Fengycins were purified mainly according to a flow of HCl precipitation, organic solution extract and reextract, gel permeation and silica gel chromatographies and RP-HPLC (Vanittanakom and Loeffler 1986). Our work developed a new preparation method of fengycin from culture broth. Fengycins have an amphipathic structure leading to the formation of aggregates in water solution. Using this feature, we concentrated fengycins from culture broth by ultrafiltration. The long hydrophobic tails made fengycin homologs strongly interacted with the matrix of the hydrophobic interaction column. After this step, most contaminants in the filtrate were removed and the resulting fraction could be easily separated on reverse phase column to get purified fengycin homologs.

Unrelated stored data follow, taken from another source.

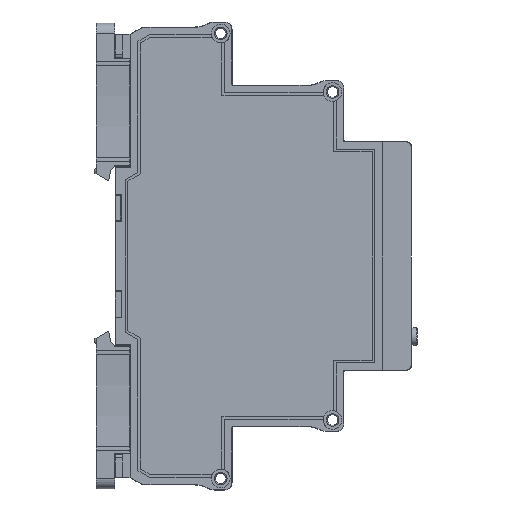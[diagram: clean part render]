
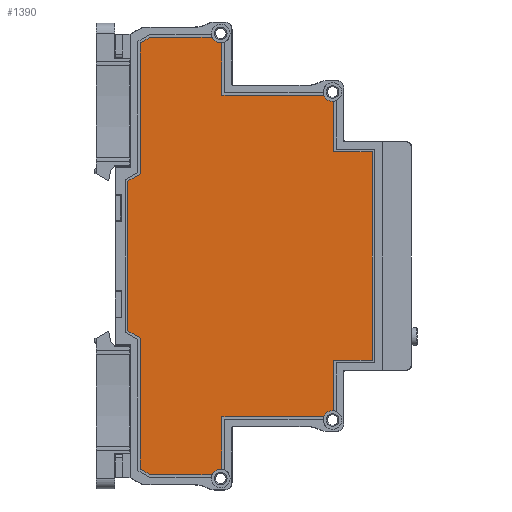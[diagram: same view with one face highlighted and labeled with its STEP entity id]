
A CAD part, front view. The second image highlights one B-rep face of the part: STEP entity #1390.
In plain terms, the highlighted planar face has unit normal (0, -1, 0) as drawn and (1, 0, 0) by its records, which use the part's own axes.
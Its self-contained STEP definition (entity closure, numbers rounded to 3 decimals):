
#1390=ADVANCED_FACE('',(#23926),#23928,.T.);
#23926=FACE_BOUND('',#23927,.T.);
#23927=EDGE_LOOP('',(#41744,#41745,#41746,#41747,#41748,#41749,#41750,#41751,#41752,
#41753,#41754,#41755,#41756,#41757,#41758,#41759,#41760,#41761,#41762,#41763,#41764,
#41765));
#23928=PLANE('',#23929);
#23929=AXIS2_PLACEMENT_3D('',#23930,#23931,#23932);
#23930=CARTESIAN_POINT('',(6.5,0.,0.));
#23931=DIRECTION('',(1.,0.,0.));
#23932=DIRECTION('',(0.,0.,-1.));
#41744=ORIENTED_EDGE('',*,*,#56490,.F.);
#41745=ORIENTED_EDGE('',*,*,#56491,.T.);
#41746=ORIENTED_EDGE('',*,*,#56408,.F.);
#41747=ORIENTED_EDGE('',*,*,#56492,.T.);
#41748=ORIENTED_EDGE('',*,*,#56493,.T.);
#41749=ORIENTED_EDGE('',*,*,#56494,.T.);
#41750=ORIENTED_EDGE('',*,*,#56495,.T.);
#41751=ORIENTED_EDGE('',*,*,#56496,.T.);
#41752=ORIENTED_EDGE('',*,*,#56392,.F.);
#41753=ORIENTED_EDGE('',*,*,#56497,.F.);
#41754=ORIENTED_EDGE('',*,*,#56498,.T.);
#41755=ORIENTED_EDGE('',*,*,#56402,.F.);
#41756=ORIENTED_EDGE('',*,*,#56499,.T.);
#41757=ORIENTED_EDGE('',*,*,#56500,.F.);
#41758=ORIENTED_EDGE('',*,*,#56501,.T.);
#41759=ORIENTED_EDGE('',*,*,#56502,.T.);
#41760=ORIENTED_EDGE('',*,*,#56503,.T.);
#41761=ORIENTED_EDGE('',*,*,#56504,.T.);
#41762=ORIENTED_EDGE('',*,*,#56505,.T.);
#41763=ORIENTED_EDGE('',*,*,#56506,.F.);
#41764=ORIENTED_EDGE('',*,*,#56507,.T.);
#41765=ORIENTED_EDGE('',*,*,#56418,.F.);
#56392=EDGE_CURVE('',#63506,#63491,#63508,.T.);
#56402=EDGE_CURVE('',#63526,#63511,#63528,.T.);
#56408=EDGE_CURVE('',#63538,#63540,#63541,.T.);
#56418=EDGE_CURVE('',#63558,#63560,#63561,.T.);
#56490=EDGE_CURVE('',#63699,#63558,#63700,.T.);
#56491=EDGE_CURVE('',#63699,#63540,#63701,.T.);
#56492=EDGE_CURVE('',#63538,#63702,#63703,.T.);
#56493=EDGE_CURVE('',#63702,#63704,#63705,.T.);
#56494=EDGE_CURVE('',#63704,#63706,#63707,.T.);
#56495=EDGE_CURVE('',#63706,#63708,#63709,.T.);
#56496=EDGE_CURVE('',#63708,#63491,#63710,.T.);
#56497=EDGE_CURVE('',#63711,#63506,#63712,.T.);
#56498=EDGE_CURVE('',#63711,#63511,#63713,.T.);
#56499=EDGE_CURVE('',#63526,#63714,#63715,.T.);
#56500=EDGE_CURVE('',#63716,#63714,#63717,.T.);
#56501=EDGE_CURVE('',#63716,#63718,#63719,.T.);
#56502=EDGE_CURVE('',#63718,#63720,#63721,.T.);
#56503=EDGE_CURVE('',#63720,#63722,#63723,.T.);
#56504=EDGE_CURVE('',#63722,#63724,#63725,.T.);
#56505=EDGE_CURVE('',#63724,#63726,#63727,.T.);
#56506=EDGE_CURVE('',#63728,#63726,#63729,.T.);
#56507=EDGE_CURVE('',#63728,#63560,#63730,.T.);
#63491=VERTEX_POINT('',#75939);
#63506=VERTEX_POINT('',#75972);
#63508=CIRCLE('',#75976,1.85);
#63511=VERTEX_POINT('',#75985);
#63526=VERTEX_POINT('',#76018);
#63528=CIRCLE('',#76022,1.85);
#63538=VERTEX_POINT('',#76046);
#63540=VERTEX_POINT('',#76050);
#63541=CIRCLE('',#76051,1.85);
#63558=VERTEX_POINT('',#76092);
#63560=VERTEX_POINT('',#76096);
#63561=CIRCLE('',#76097,1.85);
#63699=VERTEX_POINT('',#76401);
#63700=LINE('',#76402,#76403);
#63701=LINE('',#76405,#76406);
#63702=VERTEX_POINT('',#76408);
#63703=LINE('',#76409,#76410);
#63704=VERTEX_POINT('',#76412);
#63705=LINE('',#76413,#76414);
#63706=VERTEX_POINT('',#76416);
#63707=LINE('',#76417,#76418);
#63708=VERTEX_POINT('',#76420);
#63709=LINE('',#76421,#76422);
#63710=LINE('',#76424,#76425);
#63711=VERTEX_POINT('',#76427);
#63712=LINE('',#76428,#76429);
#63713=LINE('',#76431,#76432);
#63714=VERTEX_POINT('',#76434);
#63715=LINE('',#76435,#76436);
#63716=VERTEX_POINT('',#76438);
#63717=LINE('',#76439,#76440);
#63718=VERTEX_POINT('',#76442);
#63719=LINE('',#76443,#76444);
#63720=VERTEX_POINT('',#76446);
#63721=LINE('',#76447,#76448);
#63722=VERTEX_POINT('',#76450);
#63723=LINE('',#76451,#76452);
#63724=VERTEX_POINT('',#76454);
#63725=LINE('',#76455,#76456);
#63726=VERTEX_POINT('',#76458);
#63727=LINE('',#76459,#76460);
#63728=VERTEX_POINT('',#76462);
#63729=LINE('',#76463,#76464);
#63730=LINE('',#76466,#76467);
#75939=CARTESIAN_POINT('',(6.5,-30.541,38.985));
#75972=CARTESIAN_POINT('',(6.5,-31.7,37.015));
#75976=AXIS2_PLACEMENT_3D('',#75977,#75978,#75979);
#75977=CARTESIAN_POINT('',(6.5,-32.375,38.738));
#75978=DIRECTION('',(1.,0.,0.));
#75979=DIRECTION('',(0.,0.365,-0.931));
#75985=CARTESIAN_POINT('',(6.5,-42.103,16.897));
#76018=CARTESIAN_POINT('',(6.5,-43.2,14.953));
#76022=AXIS2_PLACEMENT_3D('',#76023,#76024,#76025);
#76023=CARTESIAN_POINT('',(6.5,-43.937,16.65));
#76024=DIRECTION('',(1.,0.,0.));
#76025=DIRECTION('',(0.,0.398,-0.917));
#76046=CARTESIAN_POINT('',(6.5,30.541,38.985));
#76050=CARTESIAN_POINT('',(6.5,31.7,37.015));
#76051=AXIS2_PLACEMENT_3D('',#76052,#76053,#76054);
#76052=CARTESIAN_POINT('',(6.5,32.375,38.738));
#76053=DIRECTION('',(1.,0.,0.));
#76054=DIRECTION('',(0.,-0.991,0.134));
#76092=CARTESIAN_POINT('',(6.5,42.103,16.897));
#76096=CARTESIAN_POINT('',(6.5,43.2,14.953));
#76097=AXIS2_PLACEMENT_3D('',#76098,#76099,#76100);
#76098=CARTESIAN_POINT('',(6.5,43.937,16.65));
#76099=DIRECTION('',(1.,0.,0.));
#76100=DIRECTION('',(0.,-0.991,0.134));
#76401=CARTESIAN_POINT('',(6.5,31.7,16.897));
#76402=CARTESIAN_POINT('',(6.5,31.7,16.897));
#76403=VECTOR('',#76404,1.);
#76404=DIRECTION('',(0.,1.,0.));
#76405=CARTESIAN_POINT('',(6.5,31.7,16.897));
#76406=VECTOR('',#76407,1.);
#76407=DIRECTION('',(0.,0.,1.));
#76408=CARTESIAN_POINT('',(6.5,20.6,38.985));
#76409=CARTESIAN_POINT('',(6.5,30.541,38.985));
#76410=VECTOR('',#76411,1.);
#76411=DIRECTION('',(0.,-1.,0.));
#76412=CARTESIAN_POINT('',(6.5,20.6,46.53));
#76413=CARTESIAN_POINT('',(6.5,20.6,38.985));
#76414=VECTOR('',#76415,1.);
#76415=DIRECTION('',(0.,0.,1.));
#76416=CARTESIAN_POINT('',(6.5,-20.6,46.53));
#76417=CARTESIAN_POINT('',(6.5,20.6,46.53));
#76418=VECTOR('',#76419,1.);
#76419=DIRECTION('',(0.,-1.,0.));
#76420=CARTESIAN_POINT('',(6.5,-20.6,38.985));
#76421=CARTESIAN_POINT('',(6.5,-20.6,46.53));
#76422=VECTOR('',#76423,1.);
#76423=DIRECTION('',(0.,0.,-1.));
#76424=CARTESIAN_POINT('',(6.5,-20.6,38.985));
#76425=VECTOR('',#76426,1.);
#76426=DIRECTION('',(0.,-1.,0.));
#76427=CARTESIAN_POINT('',(6.5,-31.7,16.897));
#76428=CARTESIAN_POINT('',(6.5,-31.7,16.897));
#76429=VECTOR('',#76430,1.);
#76430=DIRECTION('',(0.,0.,1.));
#76431=CARTESIAN_POINT('',(6.5,-31.7,16.897));
#76432=VECTOR('',#76433,1.);
#76433=DIRECTION('',(0.,-1.,0.));
#76434=CARTESIAN_POINT('',(6.5,-43.2,2.761));
#76435=CARTESIAN_POINT('',(6.5,-43.2,14.953));
#76436=VECTOR('',#76437,1.);
#76437=DIRECTION('',(0.,0.,-1.));
#76438=CARTESIAN_POINT('',(6.5,-42.068,0.8));
#76439=CARTESIAN_POINT('',(6.5,-42.068,0.8));
#76440=VECTOR('',#76441,1.);
#76441=DIRECTION('',(0.,-0.5,0.866));
#76442=CARTESIAN_POINT('',(6.5,-16.211,0.8));
#76443=CARTESIAN_POINT('',(6.5,-42.068,0.8));
#76444=VECTOR('',#76445,1.);
#76445=DIRECTION('',(0.,1.,0.));
#76446=CARTESIAN_POINT('',(6.5,-14.768,-1.7));
#76447=CARTESIAN_POINT('',(6.5,-16.211,0.8));
#76448=VECTOR('',#76449,1.);
#76449=DIRECTION('',(0.,0.5,-0.866));
#76450=CARTESIAN_POINT('',(6.5,14.768,-1.7));
#76451=CARTESIAN_POINT('',(6.5,-14.768,-1.7));
#76452=VECTOR('',#76453,1.);
#76453=DIRECTION('',(0.,1.,0.));
#76454=CARTESIAN_POINT('',(6.5,16.211,0.8));
#76455=CARTESIAN_POINT('',(6.5,14.768,-1.7));
#76456=VECTOR('',#76457,1.);
#76457=DIRECTION('',(0.,0.5,0.866));
#76458=CARTESIAN_POINT('',(6.5,42.068,0.8));
#76459=CARTESIAN_POINT('',(6.5,16.211,0.8));
#76460=VECTOR('',#76461,1.);
#76461=DIRECTION('',(0.,1.,0.));
#76462=CARTESIAN_POINT('',(6.5,43.2,2.761));
#76463=CARTESIAN_POINT('',(6.5,43.2,2.761));
#76464=VECTOR('',#76465,1.);
#76465=DIRECTION('',(0.,-0.5,-0.866));
#76466=CARTESIAN_POINT('',(6.5,43.2,2.761));
#76467=VECTOR('',#76468,1.);
#76468=DIRECTION('',(0.,0.,1.));

Loeffler et al. (1986) and the colleagues proved that fengycin was less toxic to the tested plants and protected them better from some filamentous pathogenic fungi than several peptide antibiotics such as iturin, suggesting fengycin and B. subtilis IB deserve further study on the capacity in controlling F. graminearum. Field tests using B. subtilis IB as the agent are now being performed in this laboratory.